Miami Showband killings: police tipoff helped suspect elude justice, says report

This article is more than 12 years old
Report on 1975 murders finds Robin Jackson was advised to lie low after his fingerprints were found on murder weapon

A loyalist assassin known as The Jackal received a tipoff from a senior police officer that helped him elude justice over the killing of an Irish pop band in the mid-1970s, according to a report.

The cold case police investigations unit, the Historical Enquiries Team (Het), found Robin Jackson was linked to the murders of three members of the Miami Showband in July 1975.

The pop group were on their way back to Dublin when their minibus was stopped by a fake army patrol near the border. The Het report found that Jackson, a member of loyalist paramilitary group the Ulster Volunteer Force from North Armagh, had been linked to one of the murder weapons by his fingerprints. But Jackson later claimed in police interviews he had been tipped off by a senior Royal Ulster Constabulary officer to lie low after the killings.

Jackson, who emigrated for a period of the 1980s to South Africa, has since died from cancer. In 1984 he helped organise the attempted murder of the then Sunday World northern editor Jim Campbell, who had named Jackson as the leader of the UVF in Mid-Ulster, which was responsible for shootings and bombings against nationalists in the so-called "Murder Triangle" of North Armagh.

The report, which was released on Wednesday, said Jackson claimed he was tipped off that his fingerprints had been found on a silencer attached to a Luger pistol used in the Miami Showband murders. The Het team said the murders raised "disturbing questions about collusive and corrupt behaviour". It said the review "has found no means to assuage or rebut these concerns and that is a deeply troubling matter".

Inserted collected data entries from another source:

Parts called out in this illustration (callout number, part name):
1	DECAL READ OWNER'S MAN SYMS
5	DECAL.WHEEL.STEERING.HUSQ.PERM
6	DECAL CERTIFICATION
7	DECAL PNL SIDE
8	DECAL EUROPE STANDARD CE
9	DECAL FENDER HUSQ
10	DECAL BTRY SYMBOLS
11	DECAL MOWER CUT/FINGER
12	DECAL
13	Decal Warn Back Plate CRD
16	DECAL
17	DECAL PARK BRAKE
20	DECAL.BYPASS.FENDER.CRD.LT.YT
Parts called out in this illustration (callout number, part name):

The bogus army patrol comprised soldiers from the Ulster Defence Regiment and UVF members in Armagh. Members of the band were made to line up at the side of the road while one UVF member tried to hide a bomb on the bus. The plan was that the bomb would explode en route, killing everyone on board as it entered Dublin. But the bomb went off prematurely, killing Harris Boyle and Wesley Somerville, who were members of the UDR, as well as the UVF.

After the explosion the other members of the UVF gang then opened fire on the band, killing lead singer Fran O'Toole, guitarist Tony Geraghty, and trumpeter Brian McCoy. The bass player, Stephen Travers, barely survived his injuries.

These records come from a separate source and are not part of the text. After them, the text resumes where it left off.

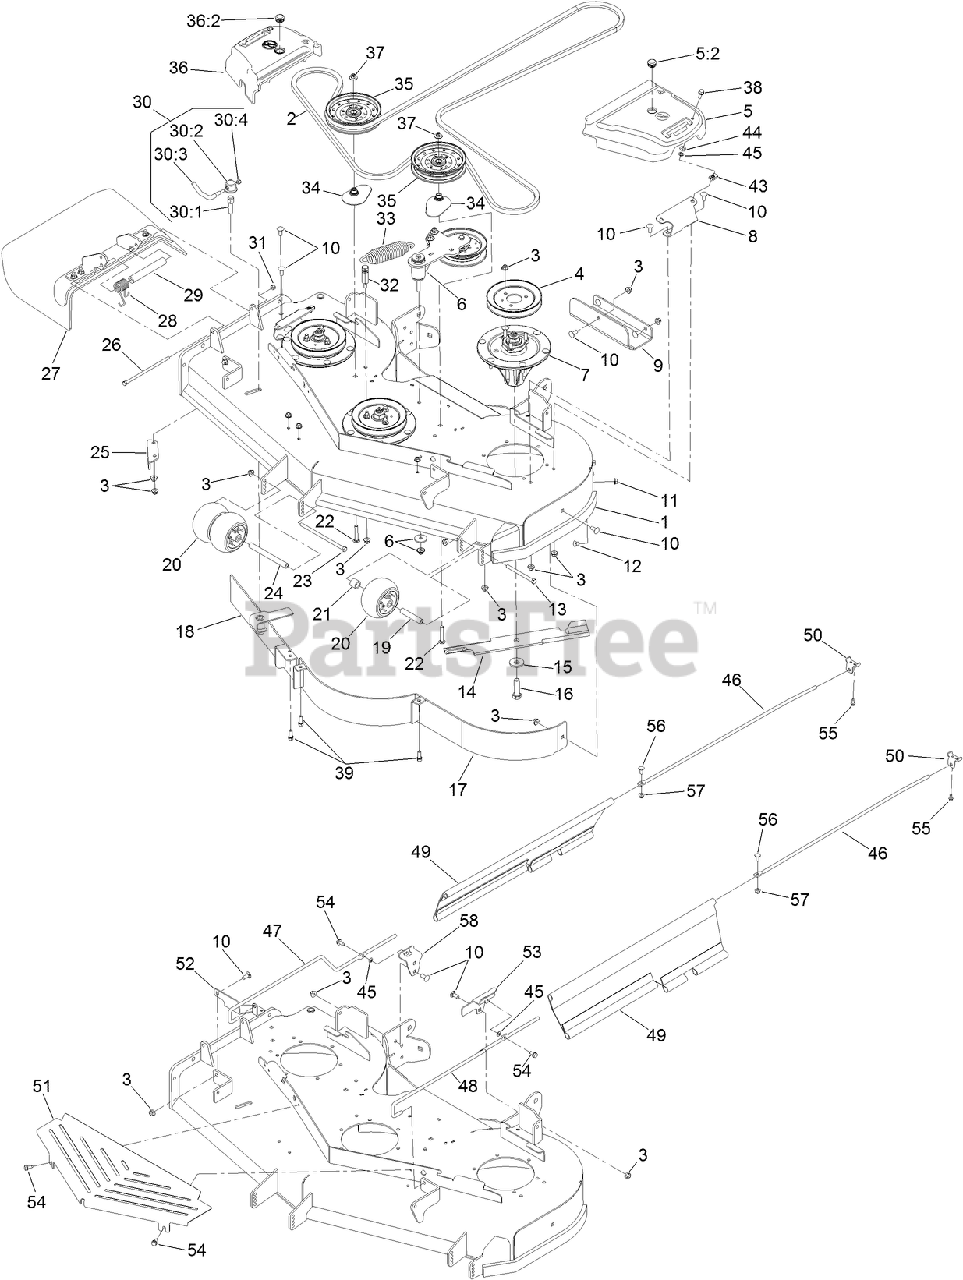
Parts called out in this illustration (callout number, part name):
1	DECK ASM
2	BELT-V
3	NUT-HF, NI
4	PULLEY
5	LH BELT COVER ASM
5:2	PLUG-PLASTIC
6	IDLER ARM ASM
7	SPINDLE ASM
8	BRACKET-COVER, BELT
9	PLATE-SKID
10	SCREW-CARR
11	NUT-HHF, WHIZ
12	SCREW-CARR
13	SCREW-HH
14	BLADE-18IN, HI FLOW
15	Washer-Blade Bolt, Heavy
16	SCREW-BLADE
17	BAFFLE ASM
18	ADJUSTABLE BAFFLE ASM
19	TUBE-SPANNER
20	ROLLER-SCALP, ANTI
21	TUBE-SPACER
22	BOLT-CARR, SHORT NECK
23	SCREW-HH
24	SPACER-WHEEL
25	BAFFLE-DISCHARGE
26	SCREW-HH
27	RUBBER DEFLECTOR ASM
28	SPRING-TORSION
29	SPACER
30	LEVER ASM
30:1	Screw-Lock
30:2	CAP-LOCK
30:3	Lever-Lock
30:4	NUT-LOCK, NI
31	NUT-LOCK, NI
32	ANCHOR-SPRING, TALL
33	SPRING-EXTENSION
34	SPACER-PULLEY
35	PULLEY-IDLER, FLAT
36	RH BELT COVER ASM
36:2	PLUG-PLASTIC
37	NUT-FLANGE, NI
38	SCREW-HHF
39	SCREW-HWH
43	NUT-U
44	WASHER-THRUST
45	NUT-PUSH
46	ROD-SUPPORT, UPPER
47	ROD-SUPPORT, LOWER (RH)
48	ROD-SUPPORT, LOWER (LH)
49	GUARD-SIDE
50	BRACKET-MOUNTING, UPPER
51	SHIELD-FRONT
52	BRACKET-MOUNTING, FRONT
53	BRACKET-MOUNTING, REAR (LH)
54	SCREW-HWHTF
55	SCREW-HWH
56	SCREW-CARR
57	NUT-HF, NI
58	BRACKET-MOUNTING, REAR (RH)

Three members of the UDR were eventually convicted for their part in the attack. James Somerville, Thomas Crozier and James McDowell received life sentences and remained in jail until their early release under the terms of the Good Friday Agreement in 1998 when republican and loyalist prisoners were given a de facto amnesty as part of the peace settlement.

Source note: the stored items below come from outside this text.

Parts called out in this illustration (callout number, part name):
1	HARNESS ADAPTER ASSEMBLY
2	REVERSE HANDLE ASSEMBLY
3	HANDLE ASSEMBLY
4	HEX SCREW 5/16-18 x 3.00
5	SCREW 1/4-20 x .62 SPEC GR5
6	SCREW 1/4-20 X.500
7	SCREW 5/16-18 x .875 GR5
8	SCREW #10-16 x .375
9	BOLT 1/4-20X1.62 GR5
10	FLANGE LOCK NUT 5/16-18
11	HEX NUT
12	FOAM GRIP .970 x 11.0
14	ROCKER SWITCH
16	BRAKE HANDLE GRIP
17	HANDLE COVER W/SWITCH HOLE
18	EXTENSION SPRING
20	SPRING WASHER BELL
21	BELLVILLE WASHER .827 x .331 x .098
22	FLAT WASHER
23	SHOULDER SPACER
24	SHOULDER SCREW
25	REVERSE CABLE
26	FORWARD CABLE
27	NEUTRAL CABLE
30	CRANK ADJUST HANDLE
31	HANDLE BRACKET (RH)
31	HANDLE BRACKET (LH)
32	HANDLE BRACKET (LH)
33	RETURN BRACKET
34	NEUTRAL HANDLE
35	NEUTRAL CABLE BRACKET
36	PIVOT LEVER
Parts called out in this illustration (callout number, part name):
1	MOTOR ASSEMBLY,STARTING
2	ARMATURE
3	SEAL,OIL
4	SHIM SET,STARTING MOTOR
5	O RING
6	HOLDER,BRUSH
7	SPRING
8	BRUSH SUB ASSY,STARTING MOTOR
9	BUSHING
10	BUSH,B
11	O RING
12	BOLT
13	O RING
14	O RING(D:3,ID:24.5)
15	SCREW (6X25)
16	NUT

Commenting on the report, band member Des McAlea, who survived the attack, said: "It's been a long time but we've got justice at last." He described the Het findings as "quite shocking" and "mind-blowing". "The fact that there was collusion in this is such a tragedy for all of us concerned," McAlea added. "To think that people were supposed to be protecting us and they were actually involved in this terrible tragedy."